Are you using Heroku and want to run a program not included in the Heroku environment? I’m going to show you how.

For Speaker Deck we wanted to be able to extract the text from uploaded pdf’s so that we can index them and make them searchable, but the program we’d been using to do this on our dev machines, pdftotext (part of the XPDF library), wasn’t available on our Heroku instances.

On a whim I typed “heroku run bash” and sure enough I was dropped into a bash shell with our Heroku Cedar Stack instance.

heroku run bash

Then I went into our apps tmp directory and tried a wget with the xpdf url, but it failed so I tried curl with the -o option to output to file and it worked. Then I unzipped the file and started building it!

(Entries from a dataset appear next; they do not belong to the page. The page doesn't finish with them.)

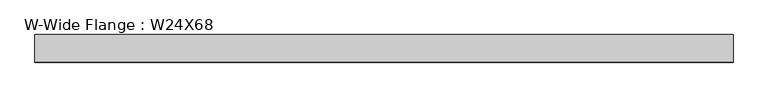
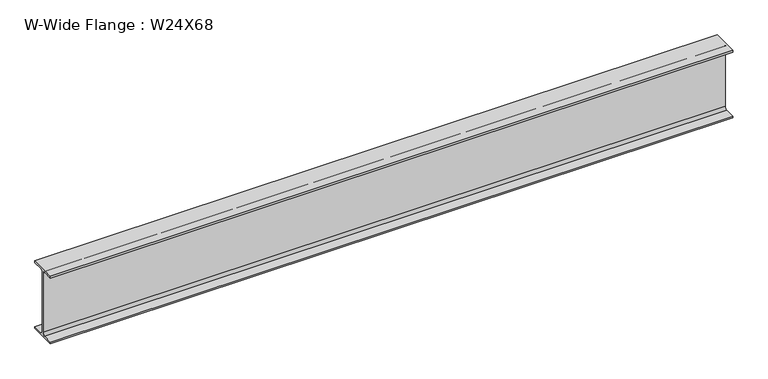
"""IFC4 building model written with IfcOpenShell, lengths in millimetres: beam geometry, W-Wide Flange : W24X68."""

from ifc_helpers import new_model, si_unit, point, frame, frame_2d, origin, place, context, project, spatial, polyline, circle_curve, trimmed, segment, composite_curve, outline, extrude, source, transform, mapped, element, save


def w_wide_flange_w24x68_bc0ab347(model_context):
    return source(origin(), model_context, "Body", "SweptSolid", [
        extrude(outline(composite_curve([segment(polyline([(-113.919, -286.131), (-28.5115, -286.131)]), True, "CONTINUOUS"), segment(trimmed(circle_curve(frame_2d((-28.5115, -262.89)), 23.241), [point((-28.5115, -286.131))], [point((-5.2705, -262.89))], True, "CARTESIAN"), True, "CONTINUOUS"), segment(polyline([(-5.2705, -262.89), (-5.2705, 262.89)]), True, "CONTINUOUS"), segment(trimmed(circle_curve(frame_2d((-28.5115, 262.89)), 23.241), [point((-5.2705, 262.89))], [point((-28.5115, 286.131))], True, "CARTESIAN"), True, "CONTINUOUS"), segment(polyline([(-28.5115, 286.131), (-113.919, 286.131), (-113.919, 300.99), (113.919, 300.99), (113.919, 286.131), (28.5115, 286.131)]), True, "CONTINUOUS"), segment(trimmed(circle_curve(frame_2d((28.5115, 262.89)), 23.241), [point((28.5115, 286.131))], [point((5.2705, 262.89))], True, "CARTESIAN"), True, "CONTINUOUS"), segment(polyline([(5.2705, 262.89), (5.2705, -262.89)]), True, "CONTINUOUS"), segment(trimmed(circle_curve(frame_2d((28.5115, -262.89)), 23.241), [point((5.2705, -262.89))], [point((28.5115, -286.131))], True, "CARTESIAN"), True, "CONTINUOUS"), segment(polyline([(28.5115, -286.131), (113.919, -286.131), (113.919, -300.99), (-113.919, -300.99), (-113.919, -286.131)]), True, "CONTINUOUS")], self_intersect=False)), frame((-2882.9, 0.0, 0.0), z_axis=(1.0, 0.0, 0.0), x_axis=(0.0, 1.0, 0.0)), (0.0, 0.0, 1.0), 5765.8),
    ])


if __name__ == "__main__":
    model = new_model("IFC4")
    model_context = context("Model", 3, world=origin())
    ifc_project = project(units=[si_unit("LENGTHUNIT", "METRE", prefix="MILLI")], contexts=[model_context])
    site = spatial("IfcSite", under=ifc_project)
    building = spatial("IfcBuilding", under=site)
    placement = place(None, origin())
    w_wide_flange_w24x68_shape = w_wide_flange_w24x68_bc0ab347(model_context)
    element("IfcBeam", 1, ObjectType="W-Wide Flange : W24X68", at=placement, inside=building, context=model_context, shape_type="MappedRepresentation", body=[
        mapped(w_wide_flange_w24x68_shape, transform((0.0, 0.0, 0.0), x_axis=(1.0, 0.0, 0.0), y_axis=(0.0, 1.0, 0.0), z_axis=(0.0, 0.0, 1.0))),
    ])
    save(model, "model.ifc")

curl ftp://ftp.foolabs.com/pub/xpdf/xpdf-3.02.tar.gz -o xpdf.tar.gz
tar zxvf xpdf.tar.gz
cd xpdf-3.02
./configure
make

When it was done building I found the executable we needed, pdftotext, sitting in the xpdf build directory. I scp’d it to my machine, created a bin directory in our apps folder, and stuck the executable there. Then with a quick git commit and git push to Heroku we were in business!

If I had an environment locally that was identical to the Heroku instance I could have built it locally, but to ensure it was built to run on the Heroku instance it just made sense to build it there in the first place.

The bin directory was added to the apps path automatically so I was able to execute the pdftotext program from inside our Rails app without a hitch.

Update: Josh Peek commented on the Hacker News post that he bundled the xpdf source in a gem which compiles itself at runtime… Probably a better longterm solution as it works if the underlying environment changes enough to break a prebuilt binary.